In direkter Gegenüberstellung zu Liszts "Vater Unser"-Vertonung nimmt sich das gleichnamige geistliche Lied von Josef Rheinberger vergleichsweise bescheiden aus. Der substanzreiche Alt von Nohad Becker verlieh aber auch diesem eher spröden Werk eine unerwartet emotionale Wirkung. Leichter zugänglich waren da die zwei geistlichen Lieder von Mendelssohn Bartholdy "Der du die Menschen lässest sterben" (Tenor) und "Doch der Herr, er leitet die Irrenden nicht" (Sopran), die durch die markige, tragfähige Stimme Sebastian Kohlhepps und dem klaren Sopran Annika Gerhards ebenso überzeugten wie das Bass-Solo "Ich bin des Herrn" von Rheinberger, kernig von Oliver Haux vorgetragen und mit leidenschaftlicher Emphase von Sebastian Küchler-Blessing an der Orgel begleitet.
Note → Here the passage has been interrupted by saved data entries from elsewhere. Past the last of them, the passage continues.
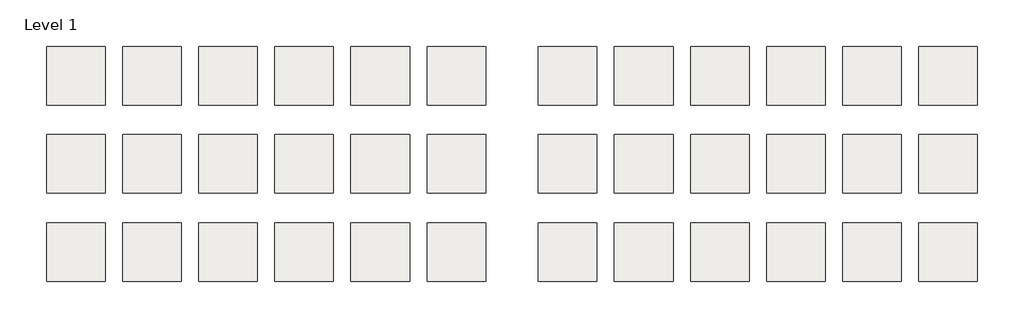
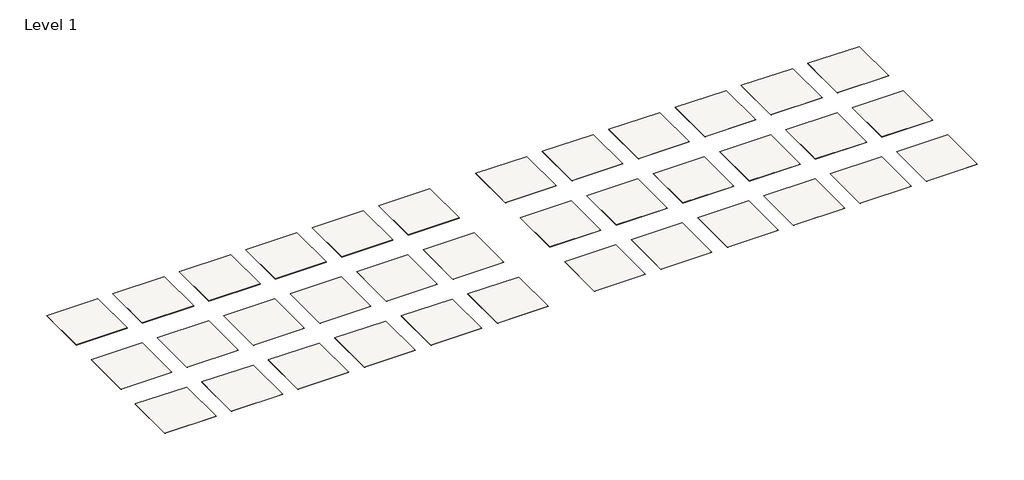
# One storey: 36 slabs.
"""IFC4 building model written with IfcOpenShell, lengths in millimetres."""

from ifc_helpers import new_model, si_unit, frame, origin, place, context, project, spatial, polyline, outline, extrude, element, save

model = new_model("IFC4")

# Units and contexts
model_context = context("Model", 3, world=origin())
ifc_project = project(units=[si_unit("LENGTHUNIT", "METRE", prefix="MILLI")], contexts=[model_context])

# Site, building, storey
site = spatial("IfcSite", under=ifc_project)
building = spatial("IfcBuilding", under=site)
storey = spatial("IfcBuildingStorey", under=building, Name="Level 1", Elevation=0.0)

# Slabs
placement = place(None, origin())
element("IfcSlab", 1, ObjectType="Armstrong_VCT_RaffiaStream_Z5900 Avalanche", at=placement, inside=storey, context=model_context, shape_type="SweptSolid", body=[
    extrude(outline(polyline([(1524.0, 0.0), (0.0, 0.0), (0.0, 1524.0), (1524.0, 1524.0), (1524.0, 0.0)])), frame((0.0, 0.0, -3.175), z_axis=(0.0, 0.0, 1.0), x_axis=(1.0, 0.0, 0.0)), (0.0, 0.0, 1.0), 3.175),
])
element("IfcSlab", 2, ObjectType="Armstrong_VCT_RaffiaStream_Z5901 Rain", at=placement, inside=storey, context=model_context, shape_type="SweptSolid", body=[
    extrude(outline(polyline([(3505.2, 0.0), (1981.2, 0.0), (1981.2, 1524.0), (3505.2, 1524.0), (3505.2, 0.0)])), frame((0.0, 0.0, -3.175), z_axis=(0.0, 0.0, 1.0), x_axis=(1.0, 0.0, 0.0)), (0.0, 0.0, 1.0), 3.175),
])
element("IfcSlab", 3, ObjectType="Armstrong_VCT_RaffiaStream_Z5920 Solar", at=placement, inside=storey, context=model_context, shape_type="SweptSolid", body=[
    extrude(outline(polyline([(5486.4, 0.0), (3962.4, 0.0), (3962.4, 1524.0), (5486.4, 1524.0), (5486.4, 0.0)])), frame((0.0, 0.0, -3.175), z_axis=(0.0, 0.0, 1.0), x_axis=(1.0, 0.0, 0.0)), (0.0, 0.0, 1.0), 3.175),
])
element("IfcSlab", 4, ObjectType="Armstrong_VCT_RaffiaStream_Z5921 Shamrock", at=placement, inside=storey, context=model_context, shape_type="SweptSolid", body=[
    extrude(outline(polyline([(7467.6, 0.0), (5943.6, 0.0), (5943.6, 1524.0), (7467.6, 1524.0), (7467.6, 0.0)])), frame((0.0, 0.0, -3.175), z_axis=(0.0, 0.0, 1.0), x_axis=(1.0, 0.0, 0.0)), (0.0, 0.0, 1.0), 3.175),
])
element("IfcSlab", 5, ObjectType="Armstrong_VCT_RaffiaStream_Z5922 Thunderstorm", at=placement, inside=storey, context=model_context, shape_type="SweptSolid", body=[
    extrude(outline(polyline([(9448.8, 0.0), (7924.8, 0.0), (7924.8, 1524.0), (9448.8, 1524.0), (9448.8, 0.0)])), frame((0.0, 0.0, -3.175), z_axis=(0.0, 0.0, 1.0), x_axis=(1.0, 0.0, 0.0)), (0.0, 0.0, 1.0), 3.175),
])
element("IfcSlab", 6, ObjectType="Armstrong_VCT_RaffiaStream_Z5923 Dark Sky", at=placement, inside=storey, context=model_context, shape_type="SweptSolid", body=[
    extrude(outline(polyline([(11430.0, 0.0), (9906.0, 0.0), (9906.0, 1524.0), (11430.0, 1524.0), (11430.0, 0.0)])), frame((0.0, 0.0, -3.175), z_axis=(0.0, 0.0, 1.0), x_axis=(1.0, 0.0, 0.0)), (0.0, 0.0, 1.0), 3.175),
])
element("IfcSlab", 7, ObjectType="Armstrong_VCT_RaffiaStream_Z5924 Equinox", at=placement, inside=storey, context=model_context, shape_type="SweptSolid", body=[
    extrude(outline(polyline([(1524.0, -2297.2639807), (0.0, -2297.2639807), (0.0, -773.2639807), (1524.0, -773.2639807), (1524.0, -2297.2639807)])), frame((0.0, 0.0, -3.175), z_axis=(0.0, 0.0, 1.0), x_axis=(1.0, 0.0, 0.0)), (0.0, 0.0, 1.0), 3.175),
])
element("IfcSlab", 8, ObjectType="Armstrong_VCT_RaffiaStream_Z5926 Earth", at=placement, inside=storey, context=model_context, shape_type="SweptSolid", body=[
    extrude(outline(polyline([(3505.2, -2297.2639807), (1981.2, -2297.2639807), (1981.2, -773.2639807), (3505.2, -773.2639807), (3505.2, -2297.2639807)])), frame((0.0, 0.0, -3.175), z_axis=(0.0, 0.0, 1.0), x_axis=(1.0, 0.0, 0.0)), (0.0, 0.0, 1.0), 3.175),
])
element("IfcSlab", 9, ObjectType="Armstrong_VCT_RaffiaStream_Z5927 Dust", at=placement, inside=storey, context=model_context, shape_type="SweptSolid", body=[
    extrude(outline(polyline([(5486.4, -2297.2639807), (3962.4, -2297.2639807), (3962.4, -773.2639807), (5486.4, -773.2639807), (5486.4, -2297.2639807)])), frame((0.0, 0.0, -3.175), z_axis=(0.0, 0.0, 1.0), x_axis=(1.0, 0.0, 0.0)), (0.0, 0.0, 1.0), 3.175),
])
element("IfcSlab", 10, ObjectType="Armstrong_VCT_RaffiaStream_Z5928 Winter Solstice", at=placement, inside=storey, context=model_context, shape_type="SweptSolid", body=[
    extrude(outline(polyline([(7467.6, -2297.2639807), (5943.6, -2297.2639807), (5943.6, -773.2639807), (7467.6, -773.2639807), (7467.6, -2297.2639807)])), frame((0.0, 0.0, -3.175), z_axis=(0.0, 0.0, 1.0), x_axis=(1.0, 0.0, 0.0)), (0.0, 0.0, 1.0), 3.175),
])
element("IfcSlab", 11, ObjectType="Armstrong_VCT_RaffiaStream_Z5929 Blizzard", at=placement, inside=storey, context=model_context, shape_type="SweptSolid", body=[
    extrude(outline(polyline([(9448.8, -2297.2639807), (7924.8, -2297.2639807), (7924.8, -773.2639807), (9448.8, -773.2639807), (9448.8, -2297.2639807)])), frame((0.0, 0.0, -3.175), z_axis=(0.0, 0.0, 1.0), x_axis=(1.0, 0.0, 0.0)), (0.0, 0.0, 1.0), 3.175),
])
element("IfcSlab", 12, ObjectType="Armstrong_VCT_RaffiaStream_Z5930 Opal", at=placement, inside=storey, context=model_context, shape_type="SweptSolid", body=[
    extrude(outline(polyline([(11430.0, -2297.2639807), (9906.0, -2297.2639807), (9906.0, -773.2639807), (11430.0, -773.2639807), (11430.0, -2297.2639807)])), frame((0.0, 0.0, -3.175), z_axis=(0.0, 0.0, 1.0), x_axis=(1.0, 0.0, 0.0)), (0.0, 0.0, 1.0), 3.175),
])
element("IfcSlab", 13, ObjectType="Armstrong_VCT_RaffiaStream_Z5933 Grey Cloud", at=placement, inside=storey, context=model_context, shape_type="SweptSolid", body=[
    extrude(outline(polyline([(1524.0, -4594.5279615), (0.0, -4594.5279615), (0.0, -3070.5279615), (1524.0, -3070.5279615), (1524.0, -4594.5279615)])), frame((0.0, 0.0, -3.175), z_axis=(0.0, 0.0, 1.0), x_axis=(1.0, 0.0, 0.0)), (0.0, 0.0, 1.0), 3.175),
])
element("IfcSlab", 14, ObjectType="Armstrong_VCT_RaffiaStream_Z5934 Moonlight", at=placement, inside=storey, context=model_context, shape_type="SweptSolid", body=[
    extrude(outline(polyline([(3505.2, -4594.5279615), (1981.2, -4594.5279615), (1981.2, -3070.5279615), (3505.2, -3070.5279615), (3505.2, -4594.5279615)])), frame((0.0, 0.0, -3.175), z_axis=(0.0, 0.0, 1.0), x_axis=(1.0, 0.0, 0.0)), (0.0, 0.0, 1.0), 3.175),
])
element("IfcSlab", 15, ObjectType="Armstrong_VCT_RaffiaStream_Z5935 Jade", at=placement, inside=storey, context=model_context, shape_type="SweptSolid", body=[
    extrude(outline(polyline([(5486.4, -4594.5279615), (3962.4, -4594.5279615), (3962.4, -3070.5279615), (5486.4, -3070.5279615), (5486.4, -4594.5279615)])), frame((0.0, 0.0, -3.175), z_axis=(0.0, 0.0, 1.0), x_axis=(1.0, 0.0, 0.0)), (0.0, 0.0, 1.0), 3.175),
])
element("IfcSlab", 16, ObjectType="Armstrong_VCT_RaffiaStream_Z5937 Electricity", at=placement, inside=storey, context=model_context, shape_type="SweptSolid", body=[
    extrude(outline(polyline([(7467.6, -4594.5279615), (5943.6, -4594.5279615), (5943.6, -3070.5279615), (7467.6, -3070.5279615), (7467.6, -4594.5279615)])), frame((0.0, 0.0, -3.175), z_axis=(0.0, 0.0, 1.0), x_axis=(1.0, 0.0, 0.0)), (0.0, 0.0, 1.0), 3.175),
])
element("IfcSlab", 17, ObjectType="Armstrong_VCT_RaffiaStream_Z5938 Flame", at=placement, inside=storey, context=model_context, shape_type="SweptSolid", body=[
    extrude(outline(polyline([(9448.8, -4594.5279615), (7924.8, -4594.5279615), (7924.8, -3070.5279615), (9448.8, -3070.5279615), (9448.8, -4594.5279615)])), frame((0.0, 0.0, -3.175), z_axis=(0.0, 0.0, 1.0), x_axis=(1.0, 0.0, 0.0)), (0.0, 0.0, 1.0), 3.175),
])
element("IfcSlab", 18, ObjectType="Armstrong_VCT_RaffiaStream_Z5940 Horizon", at=placement, inside=storey, context=model_context, shape_type="SweptSolid", body=[
    extrude(outline(polyline([(11430.0, -4594.5279615), (9906.0, -4594.5279615), (9906.0, -3070.5279615), (11430.0, -3070.5279615), (11430.0, -4594.5279615)])), frame((0.0, 0.0, -3.175), z_axis=(0.0, 0.0, 1.0), x_axis=(1.0, 0.0, 0.0)), (0.0, 0.0, 1.0), 3.175),
])
element("IfcSlab", 19, ObjectType="Armstrong_VCT_RaffiaStream_Z5900 Avalanche (staggered)", at=placement, inside=storey, context=model_context, shape_type="SweptSolid", body=[
    extrude(outline(polyline([(14325.6, 0.0), (12801.6, 0.0), (12801.6, 1524.0), (14325.6, 1524.0), (14325.6, 0.0)])), frame((0.0, 0.0, -3.175), z_axis=(0.0, 0.0, 1.0), x_axis=(1.0, 0.0, 0.0)), (0.0, 0.0, 1.0), 3.175),
])
element("IfcSlab", 20, ObjectType="Armstrong_VCT_RaffiaStream_Z5901 Rain (Staggered)", at=placement, inside=storey, context=model_context, shape_type="SweptSolid", body=[
    extrude(outline(polyline([(16306.8, 0.0), (14782.8, 0.0), (14782.8, 1524.0), (16306.8, 1524.0), (16306.8, 0.0)])), frame((0.0, 0.0, -3.175), z_axis=(0.0, 0.0, 1.0), x_axis=(1.0, 0.0, 0.0)), (0.0, 0.0, 1.0), 3.175),
])
element("IfcSlab", 21, ObjectType="Armstrong_VCT_RaffiaStream_Z5920 Solar (Staggered)", at=placement, inside=storey, context=model_context, shape_type="SweptSolid", body=[
    extrude(outline(polyline([(18288.0, 0.0), (16764.0, 0.0), (16764.0, 1524.0), (18288.0, 1524.0), (18288.0, 0.0)])), frame((0.0, 0.0, -3.175), z_axis=(0.0, 0.0, 1.0), x_axis=(1.0, 0.0, 0.0)), (0.0, 0.0, 1.0), 3.175),
])
element("IfcSlab", 22, ObjectType="Armstrong_VCT_RaffiaStream_Z5921 Shamrock (Staggered)", at=placement, inside=storey, context=model_context, shape_type="SweptSolid", body=[
    extrude(outline(polyline([(20269.2, 0.0), (18745.2, 0.0), (18745.2, 1524.0), (20269.2, 1524.0), (20269.2, 0.0)])), frame((0.0, 0.0, -3.175), z_axis=(0.0, 0.0, 1.0), x_axis=(1.0, 0.0, 0.0)), (0.0, 0.0, 1.0), 3.175),
])
element("IfcSlab", 23, ObjectType="Armstrong_VCT_RaffiaStream_Z5922 Thunderstorm (Staggered)", at=placement, inside=storey, context=model_context, shape_type="SweptSolid", body=[
    extrude(outline(polyline([(22250.4, 0.0), (20726.4, 0.0), (20726.4, 1524.0), (22250.4, 1524.0), (22250.4, 0.0)])), frame((0.0, 0.0, -3.175), z_axis=(0.0, 0.0, 1.0), x_axis=(1.0, 0.0, 0.0)), (0.0, 0.0, 1.0), 3.175),
])
element("IfcSlab", 24, ObjectType="Armstrong_VCT_RaffiaStream_Z5923 Dark Sky (Staggered)", at=placement, inside=storey, context=model_context, shape_type="SweptSolid", body=[
    extrude(outline(polyline([(24231.6, 0.0), (22707.6, 0.0), (22707.6, 1524.0), (24231.6, 1524.0), (24231.6, 0.0)])), frame((0.0, 0.0, -3.175), z_axis=(0.0, 0.0, 1.0), x_axis=(1.0, 0.0, 0.0)), (0.0, 0.0, 1.0), 3.175),
])
element("IfcSlab", 25, ObjectType="Armstrong_VCT_RaffiaStream_Z5924 Equinox (Staggered)", at=placement, inside=storey, context=model_context, shape_type="SweptSolid", body=[
    extrude(outline(polyline([(14325.6, -2297.2639807), (12801.6, -2297.2639807), (12801.6, -773.2639807), (14325.6, -773.2639807), (14325.6, -2297.2639807)])), frame((0.0, 0.0, -3.175), z_axis=(0.0, 0.0, 1.0), x_axis=(1.0, 0.0, 0.0)), (0.0, 0.0, 1.0), 3.175),
])
element("IfcSlab", 26, ObjectType="Armstrong_VCT_RaffiaStream_Z5926 Earth (Staggered)", at=placement, inside=storey, context=model_context, shape_type="SweptSolid", body=[
    extrude(outline(polyline([(16306.8, -2297.2639807), (14782.8, -2297.2639807), (14782.8, -773.2639807), (16306.8, -773.2639807), (16306.8, -2297.2639807)])), frame((0.0, 0.0, -3.175), z_axis=(0.0, 0.0, 1.0), x_axis=(1.0, 0.0, 0.0)), (0.0, 0.0, 1.0), 3.175),
])
element("IfcSlab", 27, ObjectType="Armstrong_VCT_RaffiaStream_Z5927 Dust (Staggered)", at=placement, inside=storey, context=model_context, shape_type="SweptSolid", body=[
    extrude(outline(polyline([(18288.0, -2297.2639807), (16764.0, -2297.2639807), (16764.0, -773.2639807), (18288.0, -773.2639807), (18288.0, -2297.2639807)])), frame((0.0, 0.0, -3.175), z_axis=(0.0, 0.0, 1.0), x_axis=(1.0, 0.0, 0.0)), (0.0, 0.0, 1.0), 3.175),
])
element("IfcSlab", 28, ObjectType="Armstrong_VCT_RaffiaStream_Z5928 Winter Solstice (Staggered)", at=placement, inside=storey, context=model_context, shape_type="SweptSolid", body=[
    extrude(outline(polyline([(20269.2, -2297.2639807), (18745.2, -2297.2639807), (18745.2, -773.2639807), (20269.2, -773.2639807), (20269.2, -2297.2639807)])), frame((0.0, 0.0, -3.175), z_axis=(0.0, 0.0, 1.0), x_axis=(1.0, 0.0, 0.0)), (0.0, 0.0, 1.0), 3.175),
])
element("IfcSlab", 29, ObjectType="Armstrong_VCT_RaffiaStream_Z5929 Blizzard (Staggered)", at=placement, inside=storey, context=model_context, shape_type="SweptSolid", body=[
    extrude(outline(polyline([(22250.4, -2297.2639807), (20726.4, -2297.2639807), (20726.4, -773.2639807), (22250.4, -773.2639807), (22250.4, -2297.2639807)])), frame((0.0, 0.0, -3.175), z_axis=(0.0, 0.0, 1.0), x_axis=(1.0, 0.0, 0.0)), (0.0, 0.0, 1.0), 3.175),
])
element("IfcSlab", 30, ObjectType="Armstrong_VCT_RaffiaStream_Z5930 Opal (Staggered)", at=placement, inside=storey, context=model_context, shape_type="SweptSolid", body=[
    extrude(outline(polyline([(24231.6, -2297.2639807), (22707.6, -2297.2639807), (22707.6, -773.2639807), (24231.6, -773.2639807), (24231.6, -2297.2639807)])), frame((0.0, 0.0, -3.175), z_axis=(0.0, 0.0, 1.0), x_axis=(1.0, 0.0, 0.0)), (0.0, 0.0, 1.0), 3.175),
])
element("IfcSlab", 31, ObjectType="Armstrong_VCT_RaffiaStream_Z5933 Grey Cloud (Staggered)", at=placement, inside=storey, context=model_context, shape_type="SweptSolid", body=[
    extrude(outline(polyline([(14325.6, -4594.5279615), (12801.6, -4594.5279615), (12801.6, -3070.5279615), (14325.6, -3070.5279615), (14325.6, -4594.5279615)])), frame((0.0, 0.0, -3.175), z_axis=(0.0, 0.0, 1.0), x_axis=(1.0, 0.0, 0.0)), (0.0, 0.0, 1.0), 3.175),
])
element("IfcSlab", 32, ObjectType="Armstrong_VCT_RaffiaStream_Z5934 Moonlight (Staggered)", at=placement, inside=storey, context=model_context, shape_type="SweptSolid", body=[
    extrude(outline(polyline([(16306.8, -4594.5279615), (14782.8, -4594.5279615), (14782.8, -3070.5279615), (16306.8, -3070.5279615), (16306.8, -4594.5279615)])), frame((0.0, 0.0, -3.175), z_axis=(0.0, 0.0, 1.0), x_axis=(1.0, 0.0, 0.0)), (0.0, 0.0, 1.0), 3.175),
])
element("IfcSlab", 33, ObjectType="Armstrong_VCT_RaffiaStream_Z5935 Jade (Staggered)", at=placement, inside=storey, context=model_context, shape_type="SweptSolid", body=[
    extrude(outline(polyline([(18288.0, -4594.5279615), (16764.0, -4594.5279615), (16764.0, -3070.5279615), (18288.0, -3070.5279615), (18288.0, -4594.5279615)])), frame((0.0, 0.0, -3.175), z_axis=(0.0, 0.0, 1.0), x_axis=(1.0, 0.0, 0.0)), (0.0, 0.0, 1.0), 3.175),
])
element("IfcSlab", 34, ObjectType="Armstrong_VCT_RaffiaStream_Z5937 Electricity (Staggered)", at=placement, inside=storey, context=model_context, shape_type="SweptSolid", body=[
    extrude(outline(polyline([(20269.2, -4594.5279615), (18745.2, -4594.5279615), (18745.2, -3070.5279615), (20269.2, -3070.5279615), (20269.2, -4594.5279615)])), frame((0.0, 0.0, -3.175), z_axis=(0.0, 0.0, 1.0), x_axis=(1.0, 0.0, 0.0)), (0.0, 0.0, 1.0), 3.175),
])
element("IfcSlab", 35, ObjectType="Armstrong_VCT_RaffiaStream_Z5938 Flame (Staggered)", at=placement, inside=storey, context=model_context, shape_type="SweptSolid", body=[
    extrude(outline(polyline([(22250.4, -4594.5279615), (20726.4, -4594.5279615), (20726.4, -3070.5279615), (22250.4, -3070.5279615), (22250.4, -4594.5279615)])), frame((0.0, 0.0, -3.175), z_axis=(0.0, 0.0, 1.0), x_axis=(1.0, 0.0, 0.0)), (0.0, 0.0, 1.0), 3.175),
])
element("IfcSlab", 36, ObjectType="Armstrong_VCT_RaffiaStream_Z5940 Horizon (Staggered)", at=placement, inside=storey, context=model_context, shape_type="SweptSolid", body=[
    extrude(outline(polyline([(24231.6, -4594.5279615), (22707.6, -4594.5279615), (22707.6, -3070.5279615), (24231.6, -3070.5279615), (24231.6, -4594.5279615)])), frame((0.0, 0.0, -3.175), z_axis=(0.0, 0.0, 1.0), x_axis=(1.0, 0.0, 0.0)), (0.0, 0.0, 1.0), 3.175),
])

save(model, "model.ifc")

Von den mutmaßlich drei Messen Antonin Dvoraks ist die in D-Dur die einzig erhalten gebliebene. Das Werk beginnt mit einem in schwingenden Linien aufsteigenden freudvollen Kyrie, dem ein vergleichsweise inniges Gloria korrespondiert. Im ausgreifend angelegten Glaubensbekenntnis erinnert Dvorak nach einem volksliedhaften Beginn mit Nachdruck an die Kreuzigung Christi, das er mit einem gewaltigen Amen beschließt. Auf das kurze Sanctus folgt ein durch ein prägnantes Orgelintro eingeleitetes Benedictus, das zunächst eher zurückhaltend angelegt, in einem jubilierenden Hosanna ausklingt. Auf leisen Sohlen beschließt das zarte, inbrünstig gestaltete Agnus Dei den weiten musikalischen Bogen und endet mit der innig vorgetragenen Bitte um Frieden auf Erden.
Wolfgang Schäfer führte sein Ensemble mit hör- und sichtbarer Musizierlust durch das großangelegte Werk. Mit ausdrucksvoller Gestik gestaltete der Gründer des Ensembles einen volltönenden Chorklang von kristallklarer Transparenz und dynamischer Stimmführung. An den richtigen Stellen wusste er das Tempo zu forcieren, aber auch das im Überschwang des leidenschaftlichen Ausdrucks allzu übermächtige Klangbild wieder behutsam zu dämpfen und verstand es zugleich, die Sängerinnen und Sänger mit rastloser Energie zu Höchstleistungen anzuspornen.
Für den anhaltenden Applaus bedankte sich das Ensemble mit der ergreifend vorgetragenen Motette "Locus iste" von Anton Bruckner.